How do Carbon Filters Work to Remove Toxic Chemicals in a Drinking Water Supply?
Whether you buy a bottle of water or turn on the faucet at home for a drink, the last thing you want to worry about is that it might be contaminated with bacteria or toxic chemicals. In developed countries and cities that have advanced drinking water treatment facilities set up, they have methods for dealing with those harmful pollutants. It’s the same with bottled water companies. For instance, companies like Aquafina and Glaceau Smartwater use technology like reverse osmosis to purify the water they market.
However, there is far more to a purification process than just reverse osmosis. Before that, the raw water needs to go through a rigorous filtration process to remove contaminants that can cause issues with the RO membrane. Toxic chemicals are one such contaminant. One of the most effective ways to remove these pollutants is with activated carbon filters.
To the average person, filters may bring to mind coffee. A thin paper filter keeps the coffee grounds out of the final product. Activated carbon may be less familiar, but it is being marketed heavily for home filtration, like in the ever popular Brita filter. If you open one up you will find a black powder inside. However, the question remains: how does a simple carbon filter work to reduce/eliminate such toxic substances?
To answer that question, let’s break things down from the very beginning.
What is Activated Carbon?
In a super simplified explanation, activated carbon is either powdered charcoal or coal. Charcoal is produced by burning organic material in the absence of oxygen. Coal, on the other hand, is formed over millions of years deep underground. After an activation process (hence the name) the powder from either of these sources can then be used for filtering. The activation process grants it certain valuable properties that become useful for filtration applications.

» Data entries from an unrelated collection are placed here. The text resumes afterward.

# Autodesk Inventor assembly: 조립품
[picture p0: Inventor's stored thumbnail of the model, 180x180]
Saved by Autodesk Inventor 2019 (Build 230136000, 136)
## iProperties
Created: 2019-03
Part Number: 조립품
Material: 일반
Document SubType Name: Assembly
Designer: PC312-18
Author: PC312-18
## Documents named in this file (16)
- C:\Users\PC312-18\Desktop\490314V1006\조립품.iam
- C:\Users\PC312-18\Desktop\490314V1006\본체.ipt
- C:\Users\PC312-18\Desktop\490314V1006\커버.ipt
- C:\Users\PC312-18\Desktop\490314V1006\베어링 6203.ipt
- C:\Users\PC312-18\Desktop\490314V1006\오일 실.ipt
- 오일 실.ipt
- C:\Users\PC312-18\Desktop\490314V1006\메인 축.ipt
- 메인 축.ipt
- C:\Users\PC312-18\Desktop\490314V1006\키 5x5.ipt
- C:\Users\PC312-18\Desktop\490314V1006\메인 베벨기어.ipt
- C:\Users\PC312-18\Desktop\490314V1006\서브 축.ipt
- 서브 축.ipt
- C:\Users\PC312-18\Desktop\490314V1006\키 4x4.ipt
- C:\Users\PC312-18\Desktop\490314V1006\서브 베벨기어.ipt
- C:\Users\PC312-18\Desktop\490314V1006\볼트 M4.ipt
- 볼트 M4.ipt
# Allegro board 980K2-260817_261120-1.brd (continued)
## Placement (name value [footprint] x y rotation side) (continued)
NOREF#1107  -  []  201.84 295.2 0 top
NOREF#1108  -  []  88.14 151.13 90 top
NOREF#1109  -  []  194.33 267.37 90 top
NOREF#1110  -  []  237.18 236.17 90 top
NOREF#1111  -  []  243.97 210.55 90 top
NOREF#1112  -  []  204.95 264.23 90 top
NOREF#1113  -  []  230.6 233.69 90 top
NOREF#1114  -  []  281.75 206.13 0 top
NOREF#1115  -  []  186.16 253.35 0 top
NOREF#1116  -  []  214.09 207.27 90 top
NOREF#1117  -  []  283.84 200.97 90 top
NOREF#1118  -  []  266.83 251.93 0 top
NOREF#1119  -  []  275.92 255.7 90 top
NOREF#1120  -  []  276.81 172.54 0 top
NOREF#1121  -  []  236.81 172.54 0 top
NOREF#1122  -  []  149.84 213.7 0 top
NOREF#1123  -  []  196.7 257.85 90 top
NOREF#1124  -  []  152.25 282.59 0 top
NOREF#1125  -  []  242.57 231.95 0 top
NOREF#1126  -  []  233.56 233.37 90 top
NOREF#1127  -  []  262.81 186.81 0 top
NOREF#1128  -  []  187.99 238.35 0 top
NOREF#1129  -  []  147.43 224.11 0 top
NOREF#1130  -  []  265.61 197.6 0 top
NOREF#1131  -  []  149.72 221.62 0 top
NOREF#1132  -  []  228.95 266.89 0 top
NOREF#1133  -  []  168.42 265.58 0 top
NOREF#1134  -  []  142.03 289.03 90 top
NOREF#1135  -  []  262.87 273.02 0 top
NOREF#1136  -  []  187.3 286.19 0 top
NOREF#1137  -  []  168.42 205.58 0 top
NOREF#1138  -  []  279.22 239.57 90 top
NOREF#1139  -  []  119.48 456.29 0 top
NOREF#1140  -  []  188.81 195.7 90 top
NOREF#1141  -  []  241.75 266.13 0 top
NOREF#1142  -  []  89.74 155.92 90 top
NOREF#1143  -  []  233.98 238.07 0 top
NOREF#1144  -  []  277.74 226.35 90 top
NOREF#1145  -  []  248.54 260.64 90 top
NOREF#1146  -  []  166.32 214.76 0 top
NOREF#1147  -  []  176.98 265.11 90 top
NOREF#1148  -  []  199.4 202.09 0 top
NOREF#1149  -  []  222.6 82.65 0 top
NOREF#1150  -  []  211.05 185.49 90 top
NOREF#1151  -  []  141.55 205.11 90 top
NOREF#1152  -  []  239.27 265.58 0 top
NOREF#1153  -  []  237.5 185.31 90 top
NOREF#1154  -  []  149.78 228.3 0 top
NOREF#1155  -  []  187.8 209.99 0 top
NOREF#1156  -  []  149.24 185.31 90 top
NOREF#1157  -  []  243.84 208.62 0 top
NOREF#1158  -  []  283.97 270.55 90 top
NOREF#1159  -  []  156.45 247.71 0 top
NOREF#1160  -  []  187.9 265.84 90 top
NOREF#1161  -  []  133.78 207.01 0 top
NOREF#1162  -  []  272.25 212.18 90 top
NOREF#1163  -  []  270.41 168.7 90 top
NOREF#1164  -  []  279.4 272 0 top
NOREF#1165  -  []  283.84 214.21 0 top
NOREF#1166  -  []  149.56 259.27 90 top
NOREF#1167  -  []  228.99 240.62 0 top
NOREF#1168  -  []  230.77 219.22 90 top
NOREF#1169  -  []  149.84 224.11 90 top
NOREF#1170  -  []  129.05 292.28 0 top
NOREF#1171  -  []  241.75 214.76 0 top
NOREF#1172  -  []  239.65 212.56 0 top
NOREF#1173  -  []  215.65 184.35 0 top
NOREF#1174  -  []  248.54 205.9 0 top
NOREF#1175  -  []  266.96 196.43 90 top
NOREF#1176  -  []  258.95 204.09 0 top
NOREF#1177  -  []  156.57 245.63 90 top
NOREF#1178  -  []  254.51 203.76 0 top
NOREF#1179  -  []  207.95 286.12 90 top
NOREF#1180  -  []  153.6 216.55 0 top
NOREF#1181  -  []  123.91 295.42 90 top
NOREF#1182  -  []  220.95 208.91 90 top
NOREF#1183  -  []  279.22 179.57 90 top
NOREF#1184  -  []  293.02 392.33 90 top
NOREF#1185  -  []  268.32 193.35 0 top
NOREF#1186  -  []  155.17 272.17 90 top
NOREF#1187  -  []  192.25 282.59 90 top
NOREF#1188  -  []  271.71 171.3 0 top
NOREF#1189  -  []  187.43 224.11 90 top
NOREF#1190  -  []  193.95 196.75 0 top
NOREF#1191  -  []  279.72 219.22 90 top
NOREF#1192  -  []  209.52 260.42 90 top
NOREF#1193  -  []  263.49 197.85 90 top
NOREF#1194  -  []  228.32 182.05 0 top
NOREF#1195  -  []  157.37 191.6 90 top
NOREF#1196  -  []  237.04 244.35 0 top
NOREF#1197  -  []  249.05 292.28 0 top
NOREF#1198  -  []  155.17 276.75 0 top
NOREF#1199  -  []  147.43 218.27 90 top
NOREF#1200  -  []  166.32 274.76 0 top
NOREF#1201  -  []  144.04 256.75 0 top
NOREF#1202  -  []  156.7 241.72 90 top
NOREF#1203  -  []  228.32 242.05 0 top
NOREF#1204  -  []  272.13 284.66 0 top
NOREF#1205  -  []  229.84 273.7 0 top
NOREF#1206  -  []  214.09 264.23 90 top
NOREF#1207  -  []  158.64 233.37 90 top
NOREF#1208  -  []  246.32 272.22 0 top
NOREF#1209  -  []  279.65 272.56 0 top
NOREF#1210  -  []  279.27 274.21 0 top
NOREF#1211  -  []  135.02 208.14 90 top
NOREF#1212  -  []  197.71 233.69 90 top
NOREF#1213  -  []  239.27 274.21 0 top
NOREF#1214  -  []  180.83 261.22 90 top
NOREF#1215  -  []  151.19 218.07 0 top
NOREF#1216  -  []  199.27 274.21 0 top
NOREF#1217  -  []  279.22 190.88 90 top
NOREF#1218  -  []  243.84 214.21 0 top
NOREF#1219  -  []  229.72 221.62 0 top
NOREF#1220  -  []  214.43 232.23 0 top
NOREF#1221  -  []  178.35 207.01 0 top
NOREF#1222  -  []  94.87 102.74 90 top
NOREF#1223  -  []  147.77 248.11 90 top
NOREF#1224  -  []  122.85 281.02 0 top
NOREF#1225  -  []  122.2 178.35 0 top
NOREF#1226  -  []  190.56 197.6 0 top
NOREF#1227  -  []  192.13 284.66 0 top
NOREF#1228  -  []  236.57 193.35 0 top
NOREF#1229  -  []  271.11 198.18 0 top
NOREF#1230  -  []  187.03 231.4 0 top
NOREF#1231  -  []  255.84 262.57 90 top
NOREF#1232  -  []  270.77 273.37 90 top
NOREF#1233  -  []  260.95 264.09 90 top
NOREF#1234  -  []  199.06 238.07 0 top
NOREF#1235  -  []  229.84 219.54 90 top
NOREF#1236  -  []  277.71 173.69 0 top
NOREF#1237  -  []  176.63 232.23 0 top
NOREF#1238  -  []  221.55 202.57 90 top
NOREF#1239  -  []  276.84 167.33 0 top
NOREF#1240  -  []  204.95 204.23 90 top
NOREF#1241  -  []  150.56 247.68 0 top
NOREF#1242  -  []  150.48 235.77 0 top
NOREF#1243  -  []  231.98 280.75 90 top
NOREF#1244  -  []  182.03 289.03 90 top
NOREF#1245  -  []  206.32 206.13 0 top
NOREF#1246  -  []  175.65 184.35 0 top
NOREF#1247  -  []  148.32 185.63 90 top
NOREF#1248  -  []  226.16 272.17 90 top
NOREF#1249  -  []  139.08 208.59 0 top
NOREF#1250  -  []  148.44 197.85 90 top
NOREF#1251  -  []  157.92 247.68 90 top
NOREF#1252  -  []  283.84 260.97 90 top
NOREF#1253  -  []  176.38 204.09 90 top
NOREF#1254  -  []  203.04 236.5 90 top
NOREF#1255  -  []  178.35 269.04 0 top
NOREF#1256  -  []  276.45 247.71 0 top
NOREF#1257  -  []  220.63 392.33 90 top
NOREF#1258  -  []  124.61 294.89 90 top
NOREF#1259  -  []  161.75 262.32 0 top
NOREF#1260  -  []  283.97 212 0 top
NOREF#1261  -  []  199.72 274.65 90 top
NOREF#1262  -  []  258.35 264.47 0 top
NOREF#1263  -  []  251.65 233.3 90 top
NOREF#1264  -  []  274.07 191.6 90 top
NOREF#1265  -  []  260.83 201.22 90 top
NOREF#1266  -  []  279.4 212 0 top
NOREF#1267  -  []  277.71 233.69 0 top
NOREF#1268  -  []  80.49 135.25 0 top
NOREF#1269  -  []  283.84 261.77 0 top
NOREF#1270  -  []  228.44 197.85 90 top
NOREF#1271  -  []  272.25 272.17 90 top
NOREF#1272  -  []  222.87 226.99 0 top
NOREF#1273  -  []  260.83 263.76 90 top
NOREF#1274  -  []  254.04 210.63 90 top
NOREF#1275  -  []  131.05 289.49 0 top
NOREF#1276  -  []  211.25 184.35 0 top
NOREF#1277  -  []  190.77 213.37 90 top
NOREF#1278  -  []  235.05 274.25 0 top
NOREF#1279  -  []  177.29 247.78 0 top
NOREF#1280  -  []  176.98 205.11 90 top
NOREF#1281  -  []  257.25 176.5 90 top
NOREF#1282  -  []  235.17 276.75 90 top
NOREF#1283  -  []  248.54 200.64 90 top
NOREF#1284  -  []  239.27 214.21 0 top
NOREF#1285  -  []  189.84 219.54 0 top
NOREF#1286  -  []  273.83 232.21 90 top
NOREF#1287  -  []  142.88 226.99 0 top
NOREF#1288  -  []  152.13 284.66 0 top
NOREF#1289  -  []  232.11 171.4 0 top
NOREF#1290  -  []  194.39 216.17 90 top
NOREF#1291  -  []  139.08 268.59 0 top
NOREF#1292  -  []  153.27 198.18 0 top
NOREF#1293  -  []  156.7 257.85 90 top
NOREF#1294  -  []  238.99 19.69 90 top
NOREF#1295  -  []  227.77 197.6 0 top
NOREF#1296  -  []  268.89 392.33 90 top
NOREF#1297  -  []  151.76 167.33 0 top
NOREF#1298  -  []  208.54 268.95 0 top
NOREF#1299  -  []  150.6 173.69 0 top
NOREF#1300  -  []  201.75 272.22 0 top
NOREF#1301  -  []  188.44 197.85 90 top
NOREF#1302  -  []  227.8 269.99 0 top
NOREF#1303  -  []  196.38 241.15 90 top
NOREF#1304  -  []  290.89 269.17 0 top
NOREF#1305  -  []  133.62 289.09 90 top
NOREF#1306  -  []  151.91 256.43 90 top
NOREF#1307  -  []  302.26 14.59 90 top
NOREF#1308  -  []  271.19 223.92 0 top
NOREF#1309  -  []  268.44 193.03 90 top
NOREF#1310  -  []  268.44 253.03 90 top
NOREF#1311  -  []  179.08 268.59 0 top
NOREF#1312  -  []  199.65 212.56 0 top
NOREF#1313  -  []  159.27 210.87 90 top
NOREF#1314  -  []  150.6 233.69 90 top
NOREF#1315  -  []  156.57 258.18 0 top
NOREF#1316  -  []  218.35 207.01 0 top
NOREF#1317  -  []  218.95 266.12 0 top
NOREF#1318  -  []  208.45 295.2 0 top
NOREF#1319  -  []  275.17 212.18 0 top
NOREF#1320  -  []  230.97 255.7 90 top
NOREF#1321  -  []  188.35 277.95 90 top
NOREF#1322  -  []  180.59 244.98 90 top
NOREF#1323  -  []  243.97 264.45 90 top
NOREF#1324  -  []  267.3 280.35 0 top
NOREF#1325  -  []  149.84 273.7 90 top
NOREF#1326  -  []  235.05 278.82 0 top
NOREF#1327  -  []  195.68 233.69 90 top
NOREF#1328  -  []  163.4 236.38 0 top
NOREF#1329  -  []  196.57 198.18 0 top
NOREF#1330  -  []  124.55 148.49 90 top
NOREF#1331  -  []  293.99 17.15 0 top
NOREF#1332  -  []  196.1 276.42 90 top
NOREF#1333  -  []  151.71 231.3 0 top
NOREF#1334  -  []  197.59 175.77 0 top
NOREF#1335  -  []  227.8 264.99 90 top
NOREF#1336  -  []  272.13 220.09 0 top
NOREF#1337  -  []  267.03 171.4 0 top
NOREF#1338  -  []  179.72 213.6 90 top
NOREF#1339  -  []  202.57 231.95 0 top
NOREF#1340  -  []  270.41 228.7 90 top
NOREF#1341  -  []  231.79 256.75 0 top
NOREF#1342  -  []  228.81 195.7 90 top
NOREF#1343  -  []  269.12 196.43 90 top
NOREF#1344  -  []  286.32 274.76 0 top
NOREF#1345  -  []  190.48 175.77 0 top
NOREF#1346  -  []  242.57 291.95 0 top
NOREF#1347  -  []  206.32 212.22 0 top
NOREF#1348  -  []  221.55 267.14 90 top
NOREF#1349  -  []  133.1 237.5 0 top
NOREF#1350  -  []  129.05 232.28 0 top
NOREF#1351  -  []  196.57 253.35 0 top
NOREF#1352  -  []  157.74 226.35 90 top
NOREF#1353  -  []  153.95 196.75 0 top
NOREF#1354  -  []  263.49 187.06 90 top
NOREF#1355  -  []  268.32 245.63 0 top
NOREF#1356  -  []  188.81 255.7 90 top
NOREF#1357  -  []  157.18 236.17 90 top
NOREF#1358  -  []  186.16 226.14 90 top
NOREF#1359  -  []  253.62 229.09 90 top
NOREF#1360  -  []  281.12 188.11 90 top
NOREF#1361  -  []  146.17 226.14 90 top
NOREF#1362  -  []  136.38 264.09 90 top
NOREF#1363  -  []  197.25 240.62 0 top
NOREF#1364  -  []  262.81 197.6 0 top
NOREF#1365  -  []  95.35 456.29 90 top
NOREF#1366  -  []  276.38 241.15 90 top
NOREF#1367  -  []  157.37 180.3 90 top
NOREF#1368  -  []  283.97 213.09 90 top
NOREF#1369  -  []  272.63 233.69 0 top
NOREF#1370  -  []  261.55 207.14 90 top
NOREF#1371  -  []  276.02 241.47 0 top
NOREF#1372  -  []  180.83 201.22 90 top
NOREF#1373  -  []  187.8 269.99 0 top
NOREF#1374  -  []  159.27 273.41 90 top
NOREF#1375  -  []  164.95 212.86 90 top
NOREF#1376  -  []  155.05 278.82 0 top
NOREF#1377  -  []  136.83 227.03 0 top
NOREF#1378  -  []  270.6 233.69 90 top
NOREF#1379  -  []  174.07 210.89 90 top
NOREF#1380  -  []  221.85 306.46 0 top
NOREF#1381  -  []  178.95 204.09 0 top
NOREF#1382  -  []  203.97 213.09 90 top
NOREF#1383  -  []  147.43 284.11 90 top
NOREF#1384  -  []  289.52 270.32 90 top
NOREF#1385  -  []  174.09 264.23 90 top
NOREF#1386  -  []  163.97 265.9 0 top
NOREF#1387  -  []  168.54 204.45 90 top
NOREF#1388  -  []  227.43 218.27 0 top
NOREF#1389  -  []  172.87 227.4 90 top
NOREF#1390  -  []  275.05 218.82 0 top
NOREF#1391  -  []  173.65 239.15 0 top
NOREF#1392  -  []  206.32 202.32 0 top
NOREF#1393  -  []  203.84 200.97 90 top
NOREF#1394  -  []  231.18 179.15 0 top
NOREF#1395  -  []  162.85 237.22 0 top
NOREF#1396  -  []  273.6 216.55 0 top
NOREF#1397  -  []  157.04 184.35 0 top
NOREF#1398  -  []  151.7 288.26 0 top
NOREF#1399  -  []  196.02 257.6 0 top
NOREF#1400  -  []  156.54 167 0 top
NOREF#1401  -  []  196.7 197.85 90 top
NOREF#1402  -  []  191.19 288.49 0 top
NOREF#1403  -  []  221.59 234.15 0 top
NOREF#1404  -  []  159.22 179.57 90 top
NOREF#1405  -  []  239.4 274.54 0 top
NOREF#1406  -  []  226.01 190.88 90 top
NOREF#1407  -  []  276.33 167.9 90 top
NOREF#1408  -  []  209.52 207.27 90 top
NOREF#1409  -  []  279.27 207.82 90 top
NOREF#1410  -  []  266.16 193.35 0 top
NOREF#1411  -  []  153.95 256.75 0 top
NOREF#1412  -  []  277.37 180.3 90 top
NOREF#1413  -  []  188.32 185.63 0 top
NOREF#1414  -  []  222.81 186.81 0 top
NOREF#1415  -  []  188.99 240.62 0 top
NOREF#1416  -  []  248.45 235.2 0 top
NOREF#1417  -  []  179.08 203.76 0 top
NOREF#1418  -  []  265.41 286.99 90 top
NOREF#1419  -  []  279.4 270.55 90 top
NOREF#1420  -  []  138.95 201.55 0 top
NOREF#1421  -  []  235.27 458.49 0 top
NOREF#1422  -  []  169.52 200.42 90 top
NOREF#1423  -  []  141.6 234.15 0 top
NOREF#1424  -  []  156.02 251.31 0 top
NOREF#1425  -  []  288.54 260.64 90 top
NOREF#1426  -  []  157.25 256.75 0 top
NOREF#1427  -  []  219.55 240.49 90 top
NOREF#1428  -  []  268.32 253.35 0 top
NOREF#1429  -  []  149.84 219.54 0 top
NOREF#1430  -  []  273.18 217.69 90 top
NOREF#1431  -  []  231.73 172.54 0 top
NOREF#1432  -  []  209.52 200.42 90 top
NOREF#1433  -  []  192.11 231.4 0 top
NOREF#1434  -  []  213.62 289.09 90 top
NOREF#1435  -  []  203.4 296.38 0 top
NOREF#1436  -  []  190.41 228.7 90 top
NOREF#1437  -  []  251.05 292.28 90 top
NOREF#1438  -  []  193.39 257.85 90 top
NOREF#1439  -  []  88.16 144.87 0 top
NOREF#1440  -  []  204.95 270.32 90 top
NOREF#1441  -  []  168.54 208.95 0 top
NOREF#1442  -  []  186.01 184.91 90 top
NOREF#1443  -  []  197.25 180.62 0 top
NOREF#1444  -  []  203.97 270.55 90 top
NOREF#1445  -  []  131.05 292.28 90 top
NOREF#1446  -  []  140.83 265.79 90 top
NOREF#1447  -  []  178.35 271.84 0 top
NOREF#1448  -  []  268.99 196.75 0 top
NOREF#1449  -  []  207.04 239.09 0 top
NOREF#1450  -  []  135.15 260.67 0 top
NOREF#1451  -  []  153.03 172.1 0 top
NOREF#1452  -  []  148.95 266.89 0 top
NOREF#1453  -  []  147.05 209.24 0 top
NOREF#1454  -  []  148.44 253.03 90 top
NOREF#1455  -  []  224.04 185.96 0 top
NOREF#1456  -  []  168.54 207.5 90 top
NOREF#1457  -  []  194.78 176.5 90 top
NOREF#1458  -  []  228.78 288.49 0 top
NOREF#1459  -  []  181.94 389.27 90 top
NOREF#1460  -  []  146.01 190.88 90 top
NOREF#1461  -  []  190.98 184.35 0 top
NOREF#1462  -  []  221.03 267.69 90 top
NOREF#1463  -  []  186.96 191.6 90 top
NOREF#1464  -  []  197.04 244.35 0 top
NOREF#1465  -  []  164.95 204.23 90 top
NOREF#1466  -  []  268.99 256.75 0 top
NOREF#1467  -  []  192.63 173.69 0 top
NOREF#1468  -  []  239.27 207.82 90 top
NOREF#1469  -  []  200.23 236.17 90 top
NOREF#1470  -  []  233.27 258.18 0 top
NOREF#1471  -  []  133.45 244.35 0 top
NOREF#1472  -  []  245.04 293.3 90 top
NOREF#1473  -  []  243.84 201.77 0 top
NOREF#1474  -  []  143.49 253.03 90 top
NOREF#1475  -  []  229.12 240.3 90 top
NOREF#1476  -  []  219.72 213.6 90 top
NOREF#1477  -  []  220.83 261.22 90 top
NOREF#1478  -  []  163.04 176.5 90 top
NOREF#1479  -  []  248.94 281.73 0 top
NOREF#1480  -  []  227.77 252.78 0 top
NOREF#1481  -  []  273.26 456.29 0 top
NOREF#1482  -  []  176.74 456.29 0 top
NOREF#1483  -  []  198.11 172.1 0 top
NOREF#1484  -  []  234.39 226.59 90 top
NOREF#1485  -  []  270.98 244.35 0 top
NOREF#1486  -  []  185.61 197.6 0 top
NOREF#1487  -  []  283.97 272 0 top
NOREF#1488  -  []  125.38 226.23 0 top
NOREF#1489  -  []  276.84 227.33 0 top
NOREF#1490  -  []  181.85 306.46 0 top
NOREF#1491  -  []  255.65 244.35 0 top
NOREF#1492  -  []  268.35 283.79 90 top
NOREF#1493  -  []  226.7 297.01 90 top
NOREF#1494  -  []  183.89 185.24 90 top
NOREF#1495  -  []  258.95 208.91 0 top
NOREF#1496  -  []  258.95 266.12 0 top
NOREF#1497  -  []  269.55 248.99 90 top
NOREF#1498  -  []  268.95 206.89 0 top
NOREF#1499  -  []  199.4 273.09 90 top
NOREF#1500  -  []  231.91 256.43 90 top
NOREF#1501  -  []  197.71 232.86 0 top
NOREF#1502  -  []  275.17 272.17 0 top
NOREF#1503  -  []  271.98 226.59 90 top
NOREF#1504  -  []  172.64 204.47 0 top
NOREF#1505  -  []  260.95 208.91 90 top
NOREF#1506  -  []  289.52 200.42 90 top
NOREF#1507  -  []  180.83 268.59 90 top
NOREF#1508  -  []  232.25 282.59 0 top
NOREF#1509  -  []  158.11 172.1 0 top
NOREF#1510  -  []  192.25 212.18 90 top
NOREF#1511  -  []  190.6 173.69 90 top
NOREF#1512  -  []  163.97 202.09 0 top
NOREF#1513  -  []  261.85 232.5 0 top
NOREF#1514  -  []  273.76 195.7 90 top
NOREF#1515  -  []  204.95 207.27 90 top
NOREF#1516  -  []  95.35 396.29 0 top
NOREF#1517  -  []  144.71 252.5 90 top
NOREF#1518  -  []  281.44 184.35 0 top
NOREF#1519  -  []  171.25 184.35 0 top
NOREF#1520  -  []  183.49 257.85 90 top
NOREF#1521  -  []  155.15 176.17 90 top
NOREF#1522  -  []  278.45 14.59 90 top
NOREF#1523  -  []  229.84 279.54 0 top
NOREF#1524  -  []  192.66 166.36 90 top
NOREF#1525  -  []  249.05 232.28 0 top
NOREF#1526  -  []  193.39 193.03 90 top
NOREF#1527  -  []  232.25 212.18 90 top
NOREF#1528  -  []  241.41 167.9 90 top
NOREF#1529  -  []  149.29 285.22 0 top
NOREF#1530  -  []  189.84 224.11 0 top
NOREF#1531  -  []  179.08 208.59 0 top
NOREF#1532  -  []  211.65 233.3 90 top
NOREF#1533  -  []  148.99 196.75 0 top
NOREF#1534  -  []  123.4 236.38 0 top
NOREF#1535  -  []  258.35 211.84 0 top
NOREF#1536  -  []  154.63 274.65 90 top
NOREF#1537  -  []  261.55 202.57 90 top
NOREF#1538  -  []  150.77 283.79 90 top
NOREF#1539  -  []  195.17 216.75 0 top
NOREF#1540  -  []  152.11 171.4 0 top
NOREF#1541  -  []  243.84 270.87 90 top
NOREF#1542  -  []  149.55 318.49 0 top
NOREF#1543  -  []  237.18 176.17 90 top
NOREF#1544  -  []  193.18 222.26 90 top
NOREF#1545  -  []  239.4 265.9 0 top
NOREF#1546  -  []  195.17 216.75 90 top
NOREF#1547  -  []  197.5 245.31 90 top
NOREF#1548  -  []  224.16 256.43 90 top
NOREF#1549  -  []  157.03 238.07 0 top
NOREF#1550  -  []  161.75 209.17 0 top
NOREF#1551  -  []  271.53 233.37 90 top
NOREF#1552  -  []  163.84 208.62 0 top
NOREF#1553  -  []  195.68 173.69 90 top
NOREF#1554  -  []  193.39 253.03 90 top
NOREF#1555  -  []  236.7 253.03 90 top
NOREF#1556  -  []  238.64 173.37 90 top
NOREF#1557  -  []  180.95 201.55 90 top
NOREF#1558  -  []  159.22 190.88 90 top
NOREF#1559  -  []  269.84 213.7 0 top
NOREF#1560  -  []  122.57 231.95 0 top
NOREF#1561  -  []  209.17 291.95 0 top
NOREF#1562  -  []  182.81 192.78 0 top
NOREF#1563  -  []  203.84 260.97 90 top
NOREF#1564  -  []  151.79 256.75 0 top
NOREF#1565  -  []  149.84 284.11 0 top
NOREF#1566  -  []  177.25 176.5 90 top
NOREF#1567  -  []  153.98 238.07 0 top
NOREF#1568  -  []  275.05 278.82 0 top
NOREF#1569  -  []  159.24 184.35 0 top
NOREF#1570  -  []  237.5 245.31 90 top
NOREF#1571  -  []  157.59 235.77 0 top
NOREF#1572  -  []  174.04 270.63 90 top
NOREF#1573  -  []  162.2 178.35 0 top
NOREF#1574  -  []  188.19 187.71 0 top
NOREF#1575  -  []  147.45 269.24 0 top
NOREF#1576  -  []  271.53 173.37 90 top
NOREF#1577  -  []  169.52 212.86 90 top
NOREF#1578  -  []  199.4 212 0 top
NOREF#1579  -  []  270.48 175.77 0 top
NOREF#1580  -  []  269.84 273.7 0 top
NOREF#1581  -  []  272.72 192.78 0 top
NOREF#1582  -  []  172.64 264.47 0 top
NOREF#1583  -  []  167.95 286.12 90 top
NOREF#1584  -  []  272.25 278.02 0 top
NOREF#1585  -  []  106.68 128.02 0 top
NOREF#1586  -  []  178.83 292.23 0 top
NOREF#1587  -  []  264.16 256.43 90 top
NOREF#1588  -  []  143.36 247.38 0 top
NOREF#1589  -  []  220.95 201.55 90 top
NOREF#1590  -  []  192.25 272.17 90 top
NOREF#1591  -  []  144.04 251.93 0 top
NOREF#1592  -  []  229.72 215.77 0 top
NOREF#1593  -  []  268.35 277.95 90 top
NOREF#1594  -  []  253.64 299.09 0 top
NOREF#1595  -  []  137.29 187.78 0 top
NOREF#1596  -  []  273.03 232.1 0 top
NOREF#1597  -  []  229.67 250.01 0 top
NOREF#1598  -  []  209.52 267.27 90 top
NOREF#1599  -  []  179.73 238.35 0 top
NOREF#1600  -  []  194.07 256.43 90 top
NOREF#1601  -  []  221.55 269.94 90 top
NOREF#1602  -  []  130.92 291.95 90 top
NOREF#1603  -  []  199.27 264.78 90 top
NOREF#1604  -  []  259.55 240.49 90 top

Sources of Activated Carbon:
Coal is one source mentioned above — more specifically bituminous coal — but the more common organic charcoal producing sources are wood and coconut shell. Each source has benefits and disadvantages, but coconut shell activated carbon has proved to be especially beneficial in more ways than one. Here are just a few things about each source of Activated Carbon:
- Readily activated and easy to regenerate
- Non-renewable fossil fuel that must be mined
- Can affect taste due to inorganic ash
- Contains certain chemicals that can leach into filtered water
- Larger pores than other activated carbons
- Makes for lower density activated carbon
- Can remove taste and color
- A renewable resource when compared to coal, but trees take many years to grow
- Meso- and macro-sized pores do not work for fine filtration applications
- Highly renewable and readily available resource
- Greener source than wood or coal, no mining required and no deforestation
- High porosity
- Creates less inorganic ash that affects filtration quality
- High abrasion resistance so it lasts longer before requiring replacement
The activation process is what gives activated carbon its filtration qualities. The act of activating carbon powder is either by physical methods or chemical reactions to burn away the carbon and volatiles to creates pores within the particles. Physical activation uses hot gases and air while chemical activation uses acids, bases, or salts.
Pores, Pores, Pores
Porosity is the bread and butter of filtration no matter the method. It is what gives the filter media the ability to capture contaminant particles. Two of the most important aspects of porosity are pore size and pore density. The importance of size is simple enough to understand, smaller pores can capture smaller particles, resulting in a higher quality effluent. Pore density refers to the number of pores within a particular unit of area on the particle itself. The presence of pores increases the overall surface area of the media and therefore, higher pore densities equate to larger surface areas. Just a pound of some activated carbons can have a surface area of over 100 acres.
ADsorption and ABsorption
How do activated carbon filters work? Using the culmination of the aspects described above. The carbon source determines the effect of the activation step that results in the formation of pores. It is these pores that allow the powder to filter out contaminants like toxic chemicals by increasing surface area. This is accomplished in two processes: adsorption and absorption.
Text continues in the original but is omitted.